**DESCRIPTION OF THE TASK**.
Once the line containing "from ifc_helpers import" is found in the entries below, restate it and each following line word for word, stopping after the line containing "from ifc_brep_helpers import".

:: EXTRACTED DATA

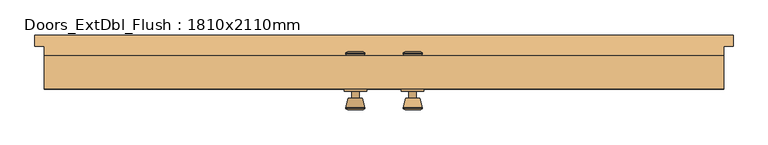
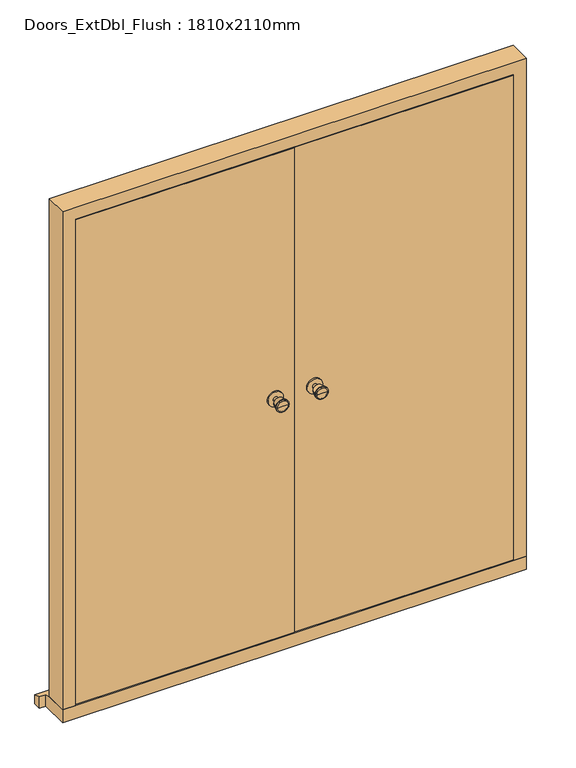
"""IFC4 building model written with IfcOpenShell, lengths in millimetres: door geometry, Doors_ExtDbl_Flush : 1810x2110mm."""

from ifc_helpers import new_model, si_unit, point, frame, frame_2d, origin, place, context, project, spatial, polyline, circle_curve, trimmed, segment, composite_curve, outline, extrude, faceted_brep, source, transform, mapped, element, save
from ifc_brep_helpers import plane_surface, cylinder_surface, revolved_surface, advanced_brep


def doors_extdbl_flush_1810x2110mm_9e9b57c9(model_context):
    return source(origin(), model_context, "Body", "SolidModel", [
        advanced_brep(
        [(-76.5, -5.0, 1050.0), (-66.5, -5.0, 1050.0), (-86.5, -5.0, 1050.0), (-96.9758676, -54.0, 1050.0), (-56.0241324, -54.0, 1050.0), (-76.5, -54.0, 1050.0), (-101.5, -52.1721319, 1050.0), (-51.5, -52.1721319, 1050.0), (-101.5, -48.7084537, 1050.0), (-51.5, -48.7084537, 1050.0), (-95.136236, -24.0, 1050.0), (-57.863764, -24.0, 1050.0), (-86.5, -24.0, 1050.0), (-66.5, -24.0, 1050.0)],
        [
            (0, 1),
            (1, 2, circle_curve(frame((-76.5, -5.0, 1050.0), z_axis=(0.0, 1.0, 0.0), x_axis=(1.0, 0.0, 0.0)), 10.0)),
            (2, 0),
            (2, 1, circle_curve(frame((-76.5, -5.0, 1050.0), z_axis=(0.0, 1.0, 0.0), x_axis=(1.0, 0.0, 0.0)), 10.0)),
            (3, 4, circle_curve(frame((-76.5, -54.0, 1050.0), z_axis=(0.0, -1.0, 0.0), x_axis=(1.0, 0.0, 0.0)), 20.4758676)),
            (4, 5),
            (5, 3),
            (4, 3, circle_curve(frame((-76.5, -54.0, 1050.0), z_axis=(0.0, -1.0, 0.0), x_axis=(1.0, 0.0, 0.0)), 20.4758676)),
            (6, 7, circle_curve(frame((-76.5, -52.1721319, 1050.0), z_axis=(0.0, -1.0, 0.0), x_axis=(1.0, 0.0, 0.0)), 25.0)),
            (7, 4),
            (3, 6),
            (7, 6, circle_curve(frame((-76.5, -52.1721319, 1050.0), z_axis=(0.0, -1.0, 0.0), x_axis=(1.0, 0.0, 0.0)), 25.0)),
            (8, 9, circle_curve(frame((-76.5, -48.7084537, 1050.0), z_axis=(0.0, -1.0, 0.0), x_axis=(1.0, 0.0, 0.0)), 25.0)),
            (9, 7),
            (6, 8),
            (9, 8, circle_curve(frame((-76.5, -48.7084537, 1050.0), z_axis=(0.0, -1.0, 0.0), x_axis=(1.0, 0.0, 0.0)), 25.0)),
            (10, 11, circle_curve(frame((-76.5, -24.0, 1050.0), z_axis=(0.0, -1.0, 0.0), x_axis=(1.0, 0.0, 0.0)), 18.636236)),
            (11, 9),
            (8, 10),
            (11, 10, circle_curve(frame((-76.5, -24.0, 1050.0), z_axis=(0.0, -1.0, 0.0), x_axis=(1.0, 0.0, 0.0)), 18.636236)),
            (12, 13, circle_curve(frame((-76.5, -24.0, 1050.0), z_axis=(0.0, -1.0, 0.0), x_axis=(1.0, 0.0, 0.0)), 10.0)),
            (13, 11),
            (10, 12),
            (13, 12, circle_curve(frame((-76.5, -24.0, 1050.0), z_axis=(0.0, -1.0, 0.0), x_axis=(1.0, 0.0, 0.0)), 10.0)),
            (1, 13),
            (12, 2),
        ],
        [
            plane_surface(frame((-76.5, -5.0, 1050.0), z_axis=(0.0, 1.0, 0.0), x_axis=(1.0, 0.0, 0.0))),
            plane_surface(frame((-76.5, -54.0, 1050.0), z_axis=(0.0, -1.0, 0.0), x_axis=(1.0, 0.0, 0.0))),
            revolved_surface(polyline([(-56.0241324, -54.0, 1050.0), (-51.5, -52.1721319, 1050.0)]), (-76.5, -5.0, 1050.0), (0.0, 1.0, 0.0)),
            cylinder_surface(frame((-76.5, -5.0, 1050.0), z_axis=(0.0, 1.0, 0.0), x_axis=(1.0, 0.0, 0.0)), 25.0),
            revolved_surface(polyline([(-51.5, -48.7084537, 1050.0), (-57.863764, -24.0, 1050.0)]), (-76.5, -5.0, 1050.0), (0.0, 1.0, 0.0)),
            plane_surface(frame((-76.5, -24.0, 1050.0), z_axis=(0.0, 1.0, 0.0), x_axis=(1.0, 0.0, 0.0))),
            cylinder_surface(frame((-76.5, -5.0, 1050.0), z_axis=(0.0, 1.0, 0.0), x_axis=(1.0, 0.0, 0.0)), 10.0),
        ],
        [
            (0, [[1, 2, 3]]),
            (0, [[-3, 4, -1]]),
            (1, [[5, 6, 7]]),
            (1, [[8, -7, -6]]),
            (2, [[9, 10, -5, 11]]),
            (2, [[12, -11, -8, -10]]),
            (3, [[13, 14, -9, 15]]),
            (3, [[16, -15, -12, -14]]),
            (4, [[17, 18, -13, 19]]),
            (4, [[20, -19, -16, -18]]),
            (5, [[21, 22, -17, 23]]),
            (5, [[24, -23, -20, -22]]),
            (6, [[-2, 25, -21, 26]]),
            (6, [[-4, -26, -24, -25]]),
        ],
    ),
        extrude(outline(composite_curve([segment(trimmed(circle_curve(frame_2d((1050.0, -76.5)), 30.0), [point((1050.0, -46.5))], [point((1050.0, -106.5))], False, "CARTESIAN"), True, "CONTINUOUS"), segment(trimmed(circle_curve(frame_2d((1050.0, -76.5)), 30.0), [point((1050.0, -106.5))], [point((1050.0, -46.5))], False, "CARTESIAN"), True, "CONTINUOUS")], self_intersect=False)), frame((0.0, -5.0, 0.0), z_axis=(0.0, 1.0, 0.0), x_axis=(0.0, 0.0, 1.0)), (0.0, 0.0, 1.0), 6.0),
        advanced_brep(
        [(-76.5, 51.0, 1050.0), (-86.5, 51.0, 1050.0), (-66.5, 51.0, 1050.0), (-96.9758676, 100.0, 1050.0), (-76.5, 100.0, 1050.0), (-56.0241324, 100.0, 1050.0), (-101.5, 98.1721319, 1050.0), (-51.5, 98.1721319, 1050.0), (-101.5, 94.7084537, 1050.0), (-51.5, 94.7084537, 1050.0), (-95.136236, 70.0, 1050.0), (-57.863764, 70.0, 1050.0), (-86.5, 70.0, 1050.0), (-66.5, 70.0, 1050.0)],
        [
            (0, 1),
            (1, 2, circle_curve(frame((-76.5, 51.0, 1050.0), z_axis=(0.0, -1.0, 0.0), x_axis=(1.0, 0.0, 0.0)), 10.0)),
            (2, 0),
            (2, 1, circle_curve(frame((-76.5, 51.0, 1050.0), z_axis=(0.0, -1.0, 0.0), x_axis=(1.0, 0.0, 0.0)), 10.0)),
            (3, 4),
            (4, 5),
            (5, 3, circle_curve(frame((-76.5, 100.0, 1050.0), z_axis=(0.0, 1.0, 0.0), x_axis=(1.0, 0.0, 0.0)), 20.4758676)),
            (3, 5, circle_curve(frame((-76.5, 100.0, 1050.0), z_axis=(0.0, 1.0, 0.0), x_axis=(1.0, 0.0, 0.0)), 20.4758676)),
            (6, 3),
            (5, 7),
            (7, 6, circle_curve(frame((-76.5, 98.1721319, 1050.0), z_axis=(0.0, 1.0, 0.0), x_axis=(1.0, 0.0, 0.0)), 25.0)),
            (6, 7, circle_curve(frame((-76.5, 98.1721319, 1050.0), z_axis=(0.0, 1.0, 0.0), x_axis=(1.0, 0.0, 0.0)), 25.0)),
            (8, 6),
            (7, 9),
            (9, 8, circle_curve(frame((-76.5, 94.7084537, 1050.0), z_axis=(0.0, 1.0, 0.0), x_axis=(1.0, 0.0, 0.0)), 25.0)),
            (8, 9, circle_curve(frame((-76.5, 94.7084537, 1050.0), z_axis=(0.0, 1.0, 0.0), x_axis=(1.0, 0.0, 0.0)), 25.0)),
            (10, 8),
            (9, 11),
            (11, 10, circle_curve(frame((-76.5, 70.0, 1050.0), z_axis=(0.0, 1.0, 0.0), x_axis=(1.0, 0.0, 0.0)), 18.636236)),
            (10, 11, circle_curve(frame((-76.5, 70.0, 1050.0), z_axis=(0.0, 1.0, 0.0), x_axis=(1.0, 0.0, 0.0)), 18.636236)),
            (12, 10),
            (11, 13),
            (13, 12, circle_curve(frame((-76.5, 70.0, 1050.0), z_axis=(0.0, 1.0, 0.0), x_axis=(1.0, 0.0, 0.0)), 10.0)),
            (12, 13, circle_curve(frame((-76.5, 70.0, 1050.0), z_axis=(0.0, 1.0, 0.0), x_axis=(1.0, 0.0, 0.0)), 10.0)),
            (1, 12),
            (13, 2),
        ],
        [
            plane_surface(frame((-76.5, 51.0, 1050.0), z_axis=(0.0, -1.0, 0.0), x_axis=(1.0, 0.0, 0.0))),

::::

**EXERCISE ANSWER**.
from ifc_helpers import new_model, si_unit, point, frame, frame_2d, origin, place, context, project, spatial, polyline, circle_curve, trimmed, segment, composite_curve, outline, extrude, faceted_brep, source, transform, mapped, element, save
from ifc_brep_helpers import plane_surface, cylinder_surface, revolved_surface, advanced_brep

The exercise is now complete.